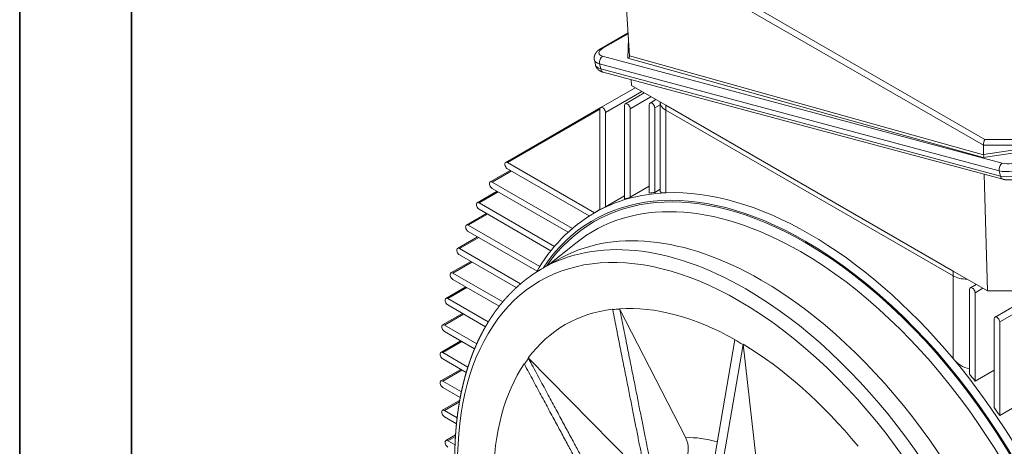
# Model space of a CAD drawing. Header units: millimetres. Extents: x -2784 to 2012, y -1738 to 1577.
# Tile 3 of 25: x -2784 to -2276, y -1154 to -933. Entities that reach past the tile are written whole.
import ezdxf

# ---------------------------------------------------------------- set-up
doc = ezdxf.new("R2010")
doc.units = ezdxf.units.MM
doc.linetypes.add('AM_ISO02W050', pattern=[7.5, 6, -1.5])
doc.linetypes.add('AM_ISO02W050x2', pattern=[3.75, 3, -0.75])
for name, color, linetype, lineweight in [('AM_3', 6, 'AM_ISO02W050', 13), ('AM_6', 2, 'Continuous', 35), ('AM_VIS', 7, 'Continuous', 20)]:
    doc.layers.add(name, color=color, linetype=linetype, lineweight=lineweight)

# ---------------------------------------------------------------- blocks, each defined once
blk = doc.blocks.new('YENI CERCEVE A3 (ANTETSİZ)')
at = {"layer": 'AM_6'}
for p, q in [((0, 0), (0, 287)), ((5, 5), (5, 282))]:
    blk.add_line(p, q, dxfattribs=at)

msp = doc.modelspace()

# ---------------------------------------------------------------- linework, layer by layer
at = {"layer": 'AM_VIS'}
for p, q in [((-2285.6, -995.13), (-2471.23, -887.96)), ((-2469.2, -951.86), (-2473.23, -890.16)), ((-2473.23, -890.16), (-2286.43, -998)), ((-2483.86, -948.04), (-2469.97, -940.02)), ((-2482.91, -947.96), (-2469.95, -940.47)), ((-2469.78, -943.03), (-2470.01, -953.12)), ((-2487.38, -953.93), (-2486.83, -956.61)), ((-2484.65, -956), (-2484.1, -958.69)), ((-2484.65, -956), (-2278.19, -1011.32)), ((-2276.62, -1007.42), (-2483.08, -952.1)), ((-2470.01, -953.12), (-2286.52, -1004.5)), ((-2286.27, -1003.08), (-2469.2, -951.86)), ((-2277.64, -1014.01), (-2484.1, -958.69)), ((-2482.76, -960.36), (-2276.3, -1015.68)), ((-2468.2, -967.25), (-2468.4, -964.21)), ((-2484.05, -978.61), (-2466.28, -968.36)), ((-2481.63, -981.16), (-2462.87, -970.33)), ((-2471.32, -976.69), (-2461.59, -971.07)), ((-2468.2, -967.25), (-2450.52, -977.46)), ((-2468.91, -979.24), (-2458.17, -973.04)), ((-2458.59, -976.27), (-2455.58, -974.54)), ((-2453.44, -975.83), (-2453.44, -975.77)), ((-2453.44, -1021.85), (-2453.44, -975.83)), ((-2533.17, -1006.97), (-2484.05, -978.61)), ((-2532.17, -1007.07), (-2484.46, -979.53)), ((-2484.46, -979.53), (-2484.46, -1031.41)), ((-2481.63, -1029.93), (-2481.63, -981.16)), ((-2471.73, -977.6), (-2471.73, -1025.89)), ((-2468.91, -1025.02), (-2468.91, -979.24)), ((-2459.01, -977.19), (-2459.01, -1022.85)), ((-2456.18, -978.82), (-2453.44, -977.24)), ((-2456.18, -1022.46), (-2456.18, -978.82)), ((-2302.03, -1063.19), (-2450.52, -977.46)), ((-2450.51, -979.91), (-2450.52, -977.46)), ((-2302.02, -1065.64), (-2450.51, -979.91)), ((-2450.51, -1022.69), (-2450.51, -979.91)), ((-2254.81, -995.13), (-2285.6, -995.13)), ((-2286.52, -1004.5), (-2256.83, -1000.03)), ((-2286.29, -1002.92), (-2286.43, -998)), ((-2286.43, -998), (-2253.98, -998)), ((-2257.01, -998.52), (-2286.29, -1002.92)), ((-2487.26, -1033), (-2532.17, -1007.07)), ((-2541.2, -1017.03), (-2530.89, -1011.08)), ((-2540.2, -1017.13), (-2530.3, -1011.42)), ((-2532.17, -1010.34), (-2490.02, -1034.67)), ((-2278.19, -1011.32), (-2277.64, -1014.01)), ((-2498.7, -1041.09), (-2540.2, -1017.13)), ((-2284.34, -1073.4), (-2286.01, -1013.08)), ((-2547.92, -1027.85), (-2537.61, -1021.89)), ((-2546.92, -1027.95), (-2537.02, -1022.23)), ((-2540.2, -1020.4), (-2500.94, -1043.07)), ((-2459.01, -1019.31), (-2468.91, -1025.02)), ((-2453.44, -1020.88), (-2456.18, -1022.46)), ((-2471.73, -1024.22), (-2481.63, -1029.93)), ((-2507.99, -1050.43), (-2546.92, -1027.95)), ((-2546.92, -1031.21), (-2509.8, -1052.64)), ((-2487.27, -1033.01), (-2484.46, -1031.39)), ((-2553.48, -1039.34), (-2543.17, -1033.38)), ((-2552.48, -1039.44), (-2542.58, -1033.72)), ((-2515.53, -1060.77), (-2552.48, -1039.44)), ((-2552.48, -1042.7), (-2517, -1063.19)), ((-2557.99, -1051.43), (-2547.67, -1045.48)), ((-2556.99, -1051.53), (-2547.09, -1045.82)), ((-2525.47, -1069.73), (-2556.99, -1051.53)), ((-2511.16, -1060.04), (-2496.99, -1048.67)), ((-2556.99, -1054.8), (-2527.7, -1071.71)), ((-2514.42, -1061.92), (-2506.49, -1057.35)), ((-2277.99, -1089.46), (-2222.86, -1057.63)), ((-2561.51, -1064.1), (-2551.2, -1058.14)), ((-2560.51, -1064.19), (-2550.61, -1058.48)), ((-2534.72, -1079.08), (-2560.51, -1064.19)), ((-2560.51, -1067.46), (-2536.52, -1081.31)), ((-2302.03, -1063.19), (-2284.34, -1073.4)), ((-2302.02, -1065.64), (-2302.03, -1063.19)), ((-2302.02, -1108.42), (-2302.02, -1065.64)), ((-2564.11, -1077.29), (-2553.8, -1071.34)), ((-2563.11, -1077.39), (-2553.21, -1071.68)), ((-2293.54, -1072.72), (-2293.54, -1116.35)), ((-2293.13, -1071.8), (-2290.12, -1070.07)), ((-2290.71, -1074.35), (-2286.71, -1072.04)), ((-2542.18, -1089.47), (-2563.11, -1077.39)), ((-2290.71, -1120.01), (-2290.71, -1074.35)), ((-2284.34, -1073.4), (-2256.06, -1073.4)), ((-2280.4, -1086.91), (-2256.99, -1073.4)), ((-2563.11, -1080.66), (-2543.62, -1091.91)), ((-2477.98, -1082.91), (-2477.91, -1083.09)), ((-2474.24, -1082.76), (-2474.31, -1082.59)), ((-2474.31, -1082.59), (-2440.19, -1149.3)), ((-2565.82, -1091), (-2555.51, -1085.04)), ((-2564.82, -1091.1), (-2554.92, -1085.38)), ((-2280.82, -1087.83), (-2280.82, -1133.62)), ((-2548.12, -1100.74), (-2564.82, -1091.1)), ((-2277.99, -1137.75), (-2277.99, -1089.46)), ((-2564.82, -1094.36), (-2549.25, -1103.36)), ((-2414.81, -1098.53), (-2414.81, -1098.68)), ((-2566.67, -1105.2), (-2556.36, -1099.25)), ((-2565.67, -1105.3), (-2555.77, -1099.59)), ((-2428.87, -1180.9), (-2414.81, -1098.68)), ((-2424.62, -1183.35), (-2410.57, -1101.13)), ((-2410.57, -1101.13), (-2410.57, -1100.98)), ((-2410.57, -1100.98), (-2403.84, -1160.35)), ((-2552.7, -1112.79), (-2565.67, -1105.3)), ((-2565.67, -1108.57), (-2553.55, -1115.57)), ((-2521.42, -1108.21), (-2521.54, -1108.06)), ((-2521.54, -1108.06), (-2467.37, -1163.2)), ((-2523.66, -1111.08), (-2523.54, -1111.22)), ((-2566.67, -1119.9), (-2556.36, -1113.95)), ((-2565.67, -1120), (-2555.77, -1114.29)), ((-2280.82, -1114.3), (-2290.71, -1120.01)), ((-2556.06, -1125.55), (-2565.67, -1120)), ((-2565.67, -1123.27), (-2556.65, -1128.48)), ((-2565.82, -1135.09), (-2556.92, -1129.95)), ((-2564.82, -1135.19), (-2557.05, -1130.7)), ((-2268.09, -1132.04), (-2277.99, -1137.75)), ((-2558.26, -1138.98), (-2564.82, -1135.19)), ((-2564.82, -1138.46), (-2558.6, -1142.05)), ((-2564.11, -1150.78), (-2559.08, -1147.87)), ((-2563.11, -1150.88), (-2559.13, -1148.58)), ((-2559.35, -1153.04), (-2563.11, -1150.88))]:
    msp.add_line(p, q, dxfattribs=at)
for centre, radius, start, end in [((-2445.3, -1103.91), 82.42, 120.625, 150.7893), ((-2289.84, -1098.44), 15.75, 219.337, 256.3889)]:
    msp.add_arc(centre, radius, start, end, dxfattribs=at)
for centre, major_axis, ratio, start_param, end_param in [((-2478.13, -949.24), (6.86, 1.4), 0.408248, 2.255516, 3.826312), ((-2482.36, -950.64), (1.5, -2.6), 0.57735, 2.617994, 3.141593), ((-2477.58, -951.92), (9.8, 2), 0.408248, 3.141593, 3.826312), ((-2482.53, -954.78), (-0.78, -2.9), 0.707107, 3.757072, 5.327869), ((-2470.2, -952.23), (0.853, 0.632), 0.836425, 4.341274, 5.779473), ((-2469.21, -952.5), (0.04, -1.05), 0.040033, 2.048953, 2.232124), ((-2477.03, -954.6), (9.8, 2), 0.408248, 3.141593, 3.826312), ((-2481.98, -957.46), (-0.78, -2.9), 0.707107, 5.327869, 6.283185), ((-2470.32, -978.42), (1, -1.73), 0.57735, 0.785398, 3.926991), ((-2457.59, -978.01), (1, -1.73), 0.57735, 0.785398, 3.926991), ((-2443.44, -975.82), (10, 0), 0.57735, 3.142827, 3.926991), ((-2483.05, -980.35), (1, -1.73), 0.57735, 0.785398, 3.926991), ((-2285.6, -996.76), (0.53, 1.99), 0.317837, 0.700439, 2.323595), ((-2532.17, -1008.71), (1, -1.73), 0.57735, 2.356194, 5.497787), ((-2286.7, -1003.6), (0.06, 1.02), 0.467669, 3.665116, 5.286487), ((-2285.29, -1003.39), (0.901, -0.778), 0.553806, 3.609582, 3.794493), ((-2271.67, -1004.56), (6.86, 1.4), 0.408248, 3.826312, 5.397108), ((-2276.07, -1010.1), (-0.78, -2.9), 0.707107, 3.757072, 5.327869), ((-2271.12, -1007.24), (9.8, 2), 0.408248, 3.826312, 5.397108), ((-2270.57, -1009.93), (9.8, 2), 0.408248, 3.826312, 5.397108), ((-2540.2, -1018.76), (1, -1.73), 0.57735, 2.356194, 5.497787), ((-2378.39, -1226.49), (109.5, -189.66), 0.57735, 2.356194, 3.420558), ((-2378.39, -1226.49), (109.05, -188.88), 0.57735, 2.356194, 3.405842), ((-2275.52, -1012.78), (-0.78, -2.9), 0.707107, 5.327869, 6.283185), ((-2376.27, -1225.26), (111, -192.26), 0.57735, 1.863533, 2.848856), ((-2380.87, -1227.92), (107.07, -185.45), 0.57735, 2.356194, 3.230168), ((-2376.27, -1225.26), (111, -192.26), 0.57735, 2.848856, 3.141593), ((-2374.86, -1224.45), (111, -192.26), 0.57735, 2.99857, 3.021268), ((-2374.86, -1224.45), (111, -192.26), 0.57735, 2.900727, 2.921929), ((-2546.92, -1029.58), (1, -1.73), 0.57735, 2.356194, 5.497787), ((-2374.86, -1224.45), (111, -192.26), 0.57735, 3.104203, 3.129072), ((-2552.48, -1041.07), (1, -1.73), 0.57735, 2.356194, 5.497787), ((-2401.22, -1239.67), (105.27, -182.33), 0.57735, 2.356194, 3.141593), ((-2412.69, -1246.29), (102.77, -178), 0.57735, 2.356194, 4.553598), ((-2409.16, -1244.25), (105.27, -182.33), 0.57735, 2.356194, 3.141593), ((-2378.39, -1226.49), (109.5, -189.66), 0.57735, 6.00422, 8.63938), ((-2556.99, -1053.17), (1, -1.73), 0.57735, 2.356194, 5.497787), ((-2378.39, -1226.49), (109.05, -188.88), 0.57735, 6.018936, 8.63938), ((-2380.87, -1227.92), (107.07, -185.45), 0.57735, 6.19461, 8.63938), ((-2560.51, -1065.83), (1, -1.73), 0.57735, 2.356194, 5.497787), ((-2401.22, -1239.67), (105.27, -182.33), 0.57735, 0, 2.356194), ((-2294.95, -1061.56), (10, 0), 0.57735, 3.926991, 4.721656), ((-2409.16, -1244.25), (105.27, -182.33), 0.57735, 0, 2.356194), ((-2292.13, -1073.54), (1, -1.73), 0.57735, 0.785398, 3.926991), ((-2563.11, -1079.02), (1, -1.73), 0.57735, 2.356194, 5.497787), ((-2412.69, -1246.29), (89.75, -155.45), 0.57735, 2.896507, 3.386678), ((-2412.69, -1246.29), (102.77, -178), 0.57735, 4.87118, 8.63938), ((-2412.69, -1246.29), (89.65, -155.28), 0.57735, 2.863061, 2.896525), ((-2412.69, -1246.29), (89.75, -155.45), 0.57735, 2.372908, 2.863079), ((-2279.4, -1088.65), (1, -1.73), 0.57735, 0.785398, 3.926991), ((-2564.82, -1092.73), (1, -1.73), 0.57735, 2.356194, 5.497787), ((-2412.69, -1246.29), (89.65, -155.28), 0.57735, 2.339463, 2.372926), ((-2412.69, -1246.29), (89.75, -155.45), 0.57735, 1.84931, 2.339481), ((-2565.67, -1106.94), (1, -1.73), 0.57735, 2.356194, 5.497787), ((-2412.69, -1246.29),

::::::::

### TASK DETAILS
Write out exactly the lines above between the line with "doc.linetypes.add('AM_ISO02W050', pattern=[7.5, 6, -1.5])" and the line with "each defined once", inclusive, and nothing beyond them.

### TASK RESULT
doc.linetypes.add('AM_ISO02W050', pattern=[7.5, 6, -1.5])
doc.linetypes.add('AM_ISO02W050x2', pattern=[3.75, 3, -0.75])
for name, color, linetype, lineweight in [('AM_3', 6, 'AM_ISO02W050', 13), ('AM_6', 2, 'Continuous', 35), ('AM_VIS', 7, 'Continuous', 20)]:
    doc.layers.add(name, color=color, linetype=linetype, lineweight=lineweight)

# ---------------------------------------------------------------- blocks, each defined once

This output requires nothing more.